I doubt the US will see much of this, but this is now one of at least 4 high quality vaccines with great, public data banned from use in the US:

Astrazeneca, J&J, Novavax, and Sputnik V.

J&J only announced phase 3 results a few days ago and will be up for approval shortly. the Astrazenaca vaccine's results were a mess of p-hacking and mixing methods (they reported a result on a half-size first dose which occurred by accident and in a non-representative population because it looked good).

Personally it makes me more confident in the FDA that they have yet to approve that vaccine.

The AZ vaccine has had data issues in its trial and the FDA is waiting on the US trial arm to finish (likely a month from now) before making a decision. The J&J vaccine has just released data and will likely be authorized in a couple weeks, but manufacturing issues mean that we won’t see tens of millions of doses until April. Novavax is in a similar boat, they won’t have much manufacturing available until late spring and their US trial only started in December so it will run until April.
The Russian Sputnik V vaccine [1] distinguishes itself from other two-dose Adenovirus vector vaccines [2] (Oxford–AstraZeneca and Chinese CanSino) by using different vectors (Ad26 and Ad5) for each dose. The Johnson & Johnson vaccine [3] is an Ad26 single-vector single-dose vaccine.

In my opinion, the outstanding question is production capacity. Given the supply chains and geopolitics involved, I think the rational choice is to get whatever approved vaccine is available to you as soon as possible.

[1] https://en.wikipedia.org/wiki/Sputnik_V_COVID-19_vaccine

[2] https://en.wikipedia.org/wiki/COVID-19_vaccine#Adenovirus_ve...

[3] https://en.wikipedia.org/wiki/Ad26.COV2.S

It's all nice and good, but Putin made this vaccine's effectiveness a political issue.
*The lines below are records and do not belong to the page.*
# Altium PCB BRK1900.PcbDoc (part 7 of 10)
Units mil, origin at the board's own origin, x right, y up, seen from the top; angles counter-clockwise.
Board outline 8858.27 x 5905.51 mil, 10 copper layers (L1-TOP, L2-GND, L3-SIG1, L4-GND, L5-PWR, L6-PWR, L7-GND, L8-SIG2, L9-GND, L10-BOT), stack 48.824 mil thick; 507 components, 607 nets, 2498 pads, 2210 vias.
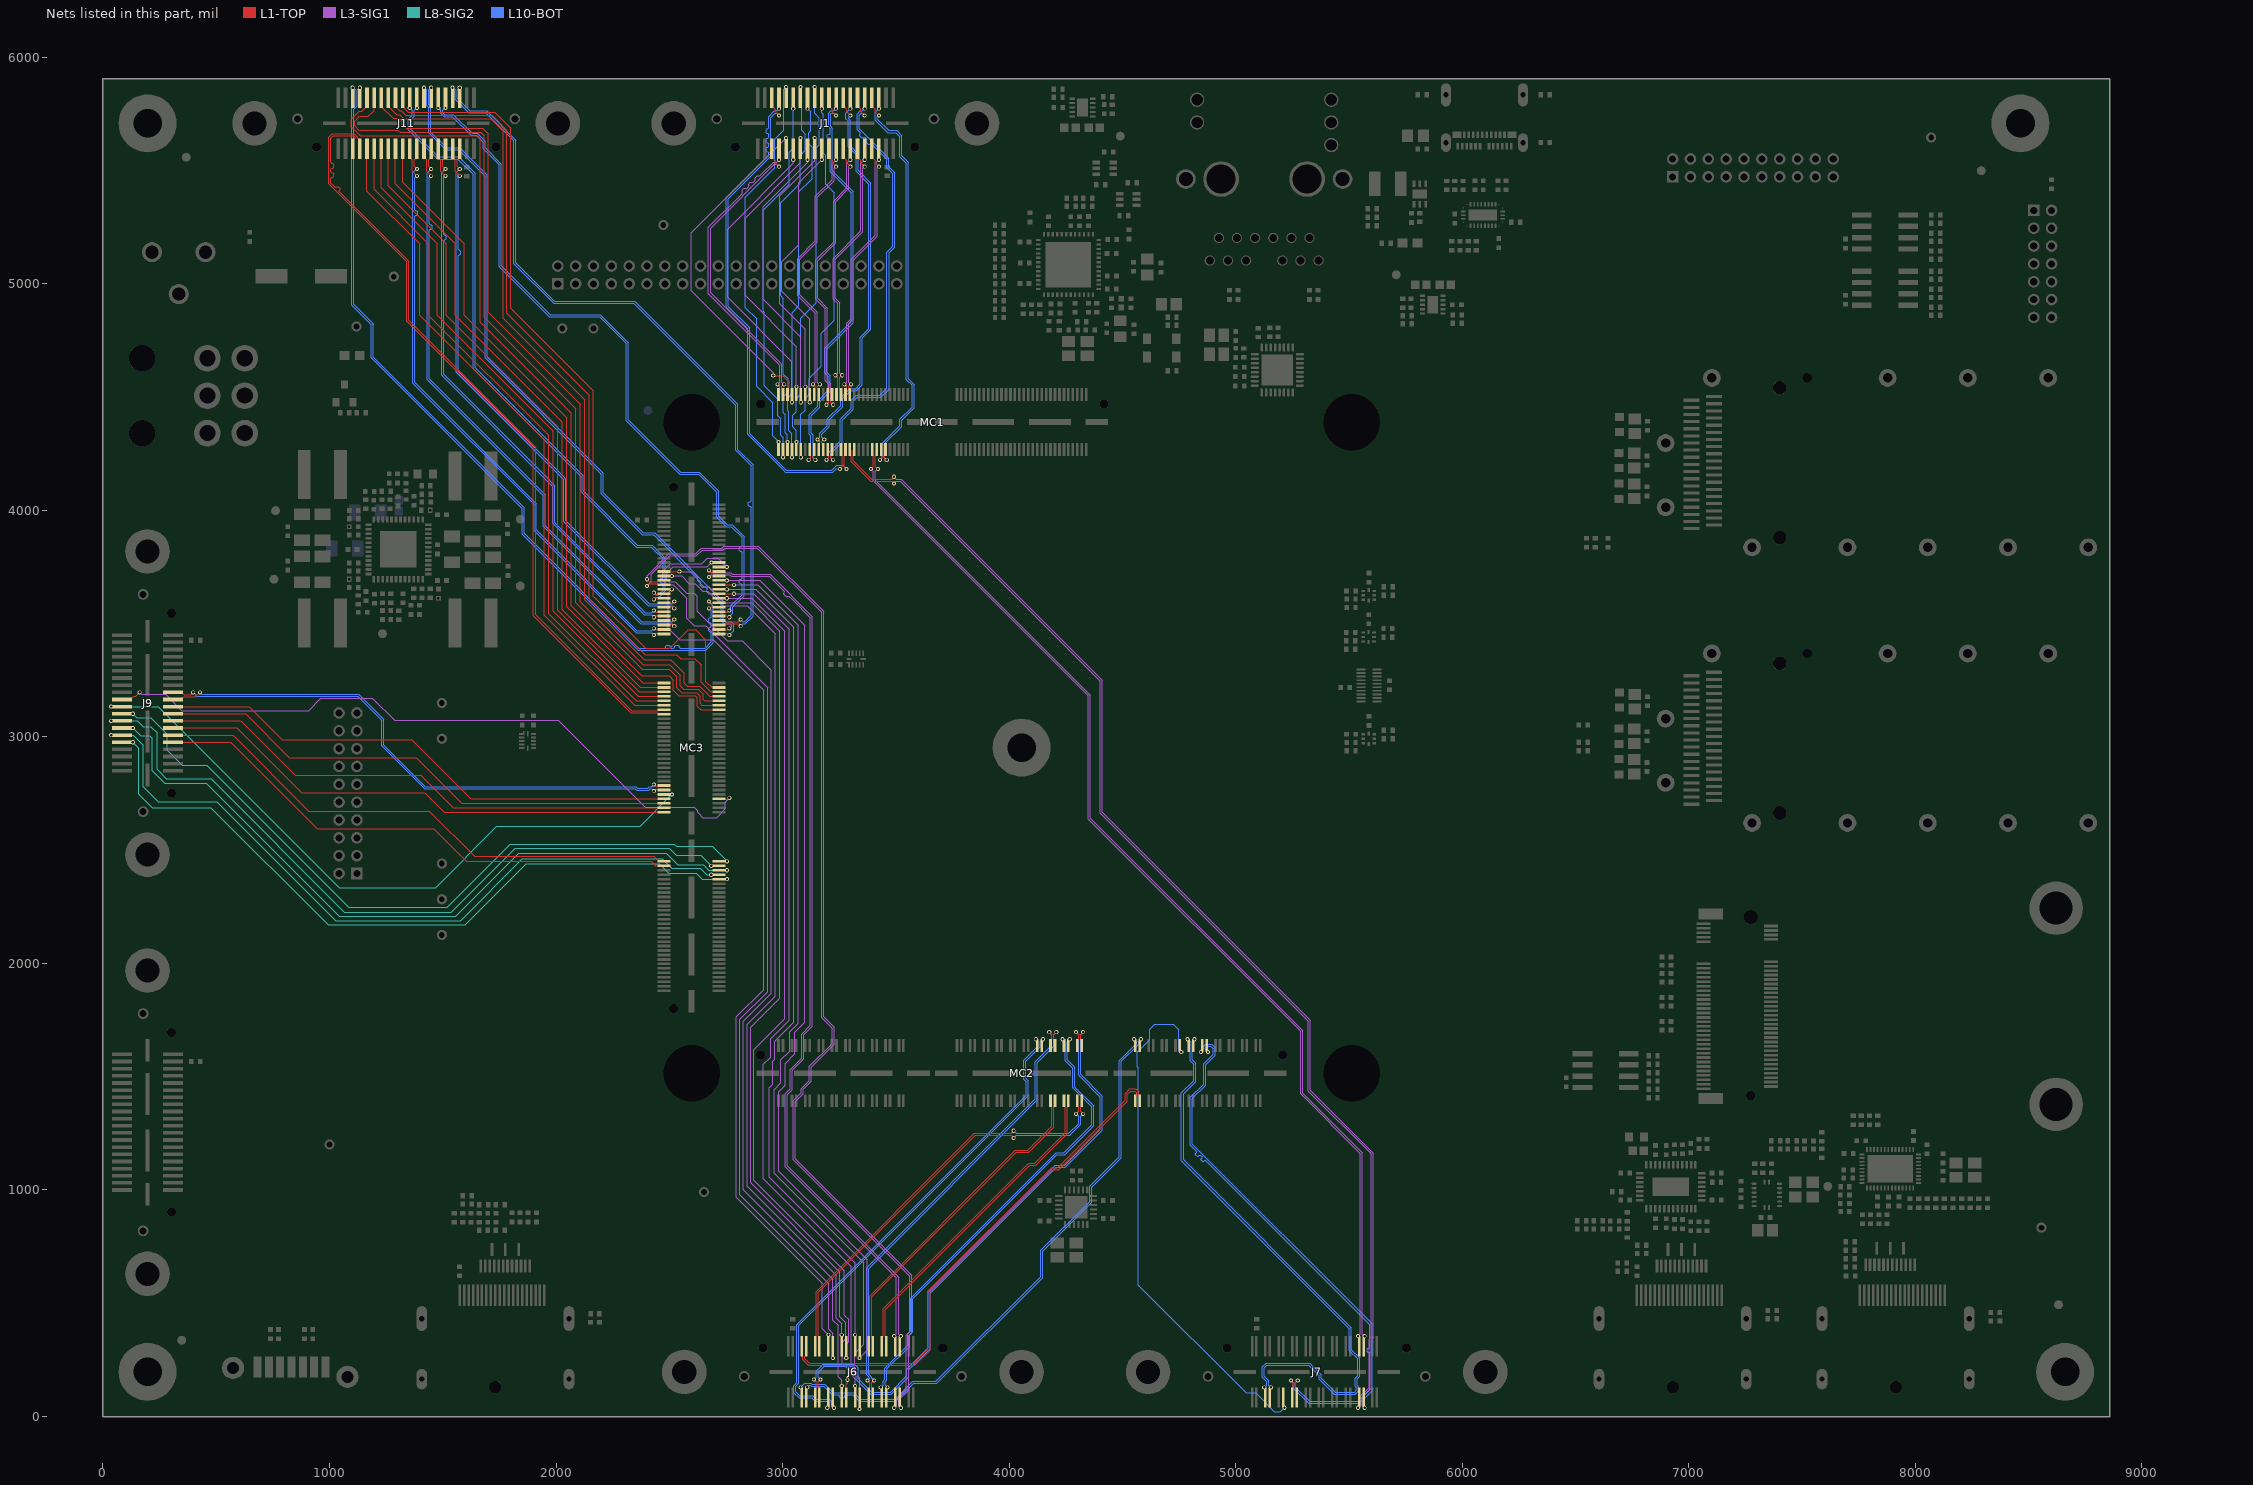
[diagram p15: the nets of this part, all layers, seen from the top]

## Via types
v1: diameter 18, hole 10, L1-TOP to L10-BOT, tented both sides, 2210 vias

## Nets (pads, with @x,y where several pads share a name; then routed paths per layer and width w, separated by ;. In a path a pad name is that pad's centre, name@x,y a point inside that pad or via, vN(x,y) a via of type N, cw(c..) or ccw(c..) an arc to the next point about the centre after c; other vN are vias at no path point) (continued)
SZG_PORTB_S13_D7P: J9.18 MC3.71 | length 2432.9
  L1-TOP w3.3: J9.18@309.65,3196.91 346.64,3196.91 357.89,3185.66 386.98,3185.66 v1(398.23,3196.91)
  L1-TOP w5.25: v1@2431.77,2761.81 2434.07,2761.81 2440.35,2768.09 2474.43,2768.09 MC3.71@2476.77,2765.75
  L10-BOT w3.3: v1(398.23,3196.91) 415.14,3180 1125,3180 1231,3074 1231,2960 1419.91,2771.09 2348.27,2771.09 2355.36,2764 2408.91,2764 2416,2771.09 2422.49,2771.09 v1@2431.77,2761.81
  other v1: 2431.77,2760.71
SZG_PORTB_S14_D6N: J9.19 MC3.68 | length 3074.3
  L1-TOP w3.3: J9.19@84.05,3165.41 120.41,3165.41 135,3180 144.76,3180 v1@161.66,3196.9
  L1-TOP w5.25: MC3.68@2720.08,2726.38 2722.42,2724.04 2756.5,2724.04 2762.78,2730.32 v1@2765.08,2730.32
  L3-SIG1 w3.15: v1@161.66,3196.9 170.56,3188 276.73,3188 348.36,3116.36 907.36,3116.36 962,3171 1189.73,3171 1287.73,3073 2009.1,3073 2016.1,3066 2172.1,2910 2393.42,2688.68 2609.95,2688.68 2625,2673.63 2625,2667 2648,2644 2709,2644 2747,2682 2747,2712.24 v1@2765.08,2730.32
  other v1: 2765.08,2731.32 162.16,3196.9
SZG_PORTB_S15_D7N: J9.20 MC3.73 | length 2432.9
  L1-TOP w3.3: J9.20@309.65,3165.41 346.51,3165.41 357.76,3176.66 407.51,3176.66 v1@427.76,3196.9
  L1-TOP w5.25: v1@2431.77,2789.37 2434.07,2789.37 2440.35,2783.09 2474.43,2783.09 MC3.73@2476.77,2785.43
  L10-BOT w3.3: v1@427.76,3196.9 435.66,3189 1128.73,3189 1240,3077.73 1240,2963.73 1423.64,2780.09 2352,2780.09 2359.09,2773 2405.18,2773 2412.27,2780.09 2422.49,2780.09 v1@2431.77,2789.37
  other v1: 2431.77,2790.37 428.26,3196.9
SZG_PORTB_S16: J9.21 MC3.69 | length 2976.9
  L8-SIG2 w4.05: v1(36.05,3133.91) 244.09,3133.91 1043,2335 1468.86,2335 1739.36,2605.5 2371.21,2605.5 v1(2511.77,2746.06)
SZG_PORTB_S17: J9.22 MC3.67 | length 2335.9
  L1-TOP w4.55: J9.22@309.65,3133.91 645.09,3133.91 791,2988 1362.39,2988 1624.02,2726.38 MC3.67@2476.77,2726.38
SZG_PORTB_S18: J9.23 MC3.60 | length 3165.7
  L8-SIG2 w4.05: v1(132.05,3102.41) 149.46,3085 210,3085 283,3012 283,2941 350,2874 459,2874 1085,2248 1519.65,2248 1798.65,2527 2521,2527 2531,2517 2688.87,2517 v1(2755.08,2450.79)
SZG_PORTB_S19: J9.24 MC3.65 | length 2331
  L1-TOP w4.55: J9.24@309.65,3102.41 629.59,3102.41 823,2909 1382.34,2909 1584.65,2706.69 MC3.65@2476.77,2706.69
SZG_PORTB_S20: J9.25 MC3.58 | length 3241.1
  L8-SIG2 w4.05: v1(36.05,3070.91) 151.09,3070.91 177,3045 212,3045 239,3018 239,2857 280,2816 477,2816 1066,2227 1538.02,2227 1819.02,2508 2500,2508 2530,2478 2638.18,2478 v1(2685.08,2431.1)
SZG_PORTB_S21: J9.26 MC3.63 | length 2326.1
  L1-TOP w4.55: J9.26@309.65,3070.91 608.09,3070.91 849,2830 1402.28,2830 1545.28,2687.01 MC3.63@2476.77,2687.01
SZG_PORTB_S22: J9.27 MC3.56 | length 3197.2
  L8-SIG2 w4.05: v1(132.05,3039.41) 166.46,3005 206,3005 217,2994 217,2851 273,2795 457,2795 1044,2208 1558.39,2208 1836.39,2486 2487,2486 2537,2436 2649,2436 2673.58,2411.42 v1(2755.08,2411.42)
SZG_PORTB_S23: J9.28 MC3.61 | length 2321.2
  L1-TOP w4.55: J9.28@309.65,3039.41 591.59,3039.41 878,2753 1420.23,2753 1505.91,2667.32 MC3.61@2476.77,2667.32
SZG_PORTB_S24: J9.29 MC3.54 | length 3238.2
  L8-SIG2 w4.05: v1(36.05,3007.91) 134.09,3007.91 178,2964 178,2780 244,2714 503,2714 1028,2189 1578.76,2189 1851.76,2462 2468,2462 2510,2420 2637,2420 2665.27,2391.73 v1(2685.08,2391.73)
SZG_PORTB_S25: J9.30 MC3.59 | length 2397.9
  L1-TOP w4.55: J9.30@309.65,3007.91 574.09,3007.91 909,2673 1441.17,2673 1640.17,2474 2431.9,2474 2455.11,2450.79 MC3.59@2476.77,2450.79
SZG_PORTB_S26: J9.31 MC3.52 | length 3215.6
  L8-SIG2 w4.05: v1(132.05,2976.41) 158,2950.46 158,2748 218,2688 476,2688 994,2170 1599.13,2170 1869.13,2440 2456,2440 2498,2398 2619,2398 2644.95,2372.05 v1(2755.08,2372.05)
SZG_PORTB_S27: J9.32 MC3.57 | length 2393
  L1-TOP w4.55: J9.32@309.65,2976.41 563.59,2976.41 946,2594 1461.12,2594 1603.62,2451.5 2420.5,2451.5 2440.9,2431.1 MC3.57@2476.77,2431.1
SZG_PORTC_C2P_CLKN: J11.36 MC3.107 | length 3437.8
  L1-TOP w3.3: J11.36@1102.38,5595.86 1102.38,5632.38 1113.63,5643.63 1113.63,5646.73 1106.51,5653.85 1016.85,5653.85 1006,5643 1006,5540.85 1006,5535.7 1010.06,5531.64 1013.94,5531.64 1018,5527.58 1018,5515.4 1013.94,5511.34 1010.06,5511.34 1006,5507.28 1006,5495.1 1010.06,5491.04 1013.94,5491.04 1018,5486.98 1018,5474.8 1013.94,5470.74 1010.06,5470.74 1006,5466.68 1006,5444.73 1022.86,5427.86 1024.03,5426.7 1029.77,5426.7 1032.52,5429.44 1038.26,5429.44 1046.87,5420.83 1046.87,5415.09 1044.13,5412.34 1044.13,5406.6 1056.86,5393.86 1350,5100.73 1350,4838.73 1909.45,4279.28 1909.45,3538.55 2333.26,3114.74 2448.6,3114.74 2453.95,3120.08 MC3.107@2476.77,3120.08
SZG_PORTC_C2P_CLKP: J11.34 MC3.105 | length 3439.1
  L1-TOP w3.3: J11.34@1133.88,5595.86 1133.88,5632.65 1122.63,5643.9 1122.63,5650.45 1110.24,5662.85 1013.12,5662.85 997,5646.73 997,5441 1341,5097 1341,4835 1360,4816 1900.45,4275.55 1900.45,3534.82 1962,3473.27 2329.54,3105.74 2400.54,3105.74 2448.92,3105.74 2454.26,3100.39 MC3.105@2476.77,3100.39
SZG_PORTC_P2C_CLKN: J11.35 MC3.136 | length 3600.8
  L1-TOP w5.25: v1@2675.08,3596.46 2677.38,3596.46 2683.66,3590.18 2717.74,3590.18 MC3.136@2720.08,3592.52
  L10-BOT w3.3: v1@1103.37,5866.17 1113.63,5855.9 1113.63,5789 1099,5774.37 1099,4906.27 1185,4820.27 ; 1185,4821 1185,4820.27 ; v1@2675.08,3596.46 2694.78,3576.76 2694.78,3416.05 2661.73,3383 2362.27,3383 1851,3894.27 1851,4007 1185,4673 1185,4820.27
  other v1: 2675.08,3597.46 1102.37,5866.17
SZG_PORTC_P2C_CLKP: J11.33 MC3.134 | length 3596
  L1-TOP w5.25: v1@2675.08,3568.9 2677.38,3568.9 2683.66,3575.18 2717.74,3575.18 MC3.134@2720.08,3572.83
  L10-BOT w3.3: v1@1132.89,5866.17 1122.63,5855.9 1122.63,5785.27 1108,5770.64 1108,4910 1195.5,4822.5 ; 1194,4821 1194,4676.73 1860,4010.73 1860,3898 2366,3392 2459,3392 2480.03,3392 2484.09,3396.06 2484.09,3399.94 2488.15,3404 2500.33,3404 2504.39,3399.94 2504.39,3396.06 2508.45,3392 2520.63,3392 2524.69,3396.06 2524.69,3399.94 2528.75,3404 2540.93,3404 2544.99,3399.94 2544.99,3396.06 2549.05,3392 2571,3392 2658,3392 2685.78,3419.78 2685.78,3452 2685.78,3460.03 2681.72,3464.09 2677.84,3464.09 2673.78,3468.15 2673.78,3480.33 2677.84,3484.39 2681.72,3484.39 2685.78,3488.45 2685.78,3500.63 2681.72,3504.69 2677.84,3504.69 2673.78,3508.75 2673.78,3520.93 2677.84,3524.99 2681.72,3524.99 2685.78,3529.05 2685.78,3551 2685.78,3558.2 v1@2675.08,3568.9
  other v1: 2675.08,3567.8 1133.89,5866.17
SZG_PORTC_S0_D0P: J11.5 MC3.126 | length 3303
  L1-TOP w3.3: MC3.126@2720.08,3494.09 2742.67,3494.09 2748.01,3499.44 2805.8,3499.44 v1@2815.08,3490.16
  L10-BOT w3.3: v1@1573.89,5866.17 1563.63,5855.9 1563.63,5819.37 1619.11,5763.89 1694.11,5763.89 1823,5635 1823,5093 1993,4923 2311.73,4923 2346.73,4923 2802,4467.73 2802,4432.73 2802,4268.73 2870,4200.73 2870,3533.71 2835.73,3499.44 2824.36,3499.44 v1@2815.08,3490.16
  other v1: 2815.08,3489.06 1574.89,5866.17
SZG_PORTC_S1_D1P: J11.6 MC3.133 | length 2552.1
  L1-TOP w3.3: v1(1574.88,5507.28) 1563.63,5518.53 1563.63,5547.62 1574.88,5558.87 J11.6@1574.88,5595.86
  L1-TOP w5.25: MC3.133@2476.77,3572.83 2479.11,3575.18 2513.19,3575.18 2519.47,3568.9 v1@2521.77,3568.9
  L10-BOT w3.3: v1(1574.88,5507.28) 1559,5491.4 1559,4914 1559,4610.27 2035,4134.27 2035,3950.13 2406.95,3578.18 2416.09,3578.18 2512.49,3578.18 v1@2521.77,3568.9
  other v1: 2521.77,3567.8
SZG_PORTC_S2_D0N: J11.7 MC3.128 | length 3302.6
  L1-TOP w3.3: MC3.128@2720.08,3513.78 2742.76,3513.78 2748.1,3508.44 2805.8,3508.44 v1@2815.08,3517.72
  L10-BOT w3.3: v1@1544.37,5866.17 1554.63,5855.9 1554.63,5815.64 1603.64,5766.64 1606.27,5764 1615.38,5754.89 1690.38,5754.89 1814,5631.27 1814,5089.27 1989.27,4914 2343,4914 2793,4464 2793,4265 2861,4197 2861,4065 2861,4043.05 2856.94,4038.99 2853.06,4038.99 2849,4034.93 2849,4022.75 2853.06,4018.69 2856.94,4018.69 2861,4014.63 2861,3995 2861,3537.44 2832,3508.44 2824.36,3508.44 v1@2815.08,3517.72
  other v1: 2815.08,3518.72 1543.37,5866.17
SZG_PORTC_S3_D1N: J11.8 MC3.135 | length 2551.6
  L1-TOP w3.3: J11.8@1543.38,5595.86 1543.38,5559 1554.63,5547.75 1554.63,5498 v1@1574.88,5477.75
  L1-TOP w5.25: MC3.135@2476.77,3592.52 2479.11,3590.18 2513.19,3590.18 2519.47,3596.46 v1@2521.77,3596.46
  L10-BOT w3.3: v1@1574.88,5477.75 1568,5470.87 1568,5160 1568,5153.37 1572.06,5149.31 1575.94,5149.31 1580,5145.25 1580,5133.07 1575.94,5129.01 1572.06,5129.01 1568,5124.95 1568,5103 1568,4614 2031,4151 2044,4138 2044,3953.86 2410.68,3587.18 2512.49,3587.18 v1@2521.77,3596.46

If it's significantly less effective than its western counterparts it would result in a severe loss of face for Putin's propagandists and the regime in general. Considering the historical record of Putin's regime love for truth and integrity, it wouldn't be surprising if many people would choose to take these results with a grain of salt.
Unfortunately everything became political in this pandemic. Nothing wrong with a bit of national price. Russia inherited a very good scientific base for vaccine research and didn't squander it all, so I think they had a good case to be so risky.
>Unfortunately everything became political in this pandemic.

Western leaders don't call vaccines developed in their countries as "the best Covid vaccine in the world". More so before any statistically relevant studies (faked or not) even ready.

>Nothing wrong with a bit of national price.

I think there is a difference (at least there shoudl be) between national pride and a fact distortion field.

Does the funding source have some bias impacts in this kind of thing? (i.e.: Moscow City Health Department, Russian Direct Investment Fund, Sberbank, and RUSAL.)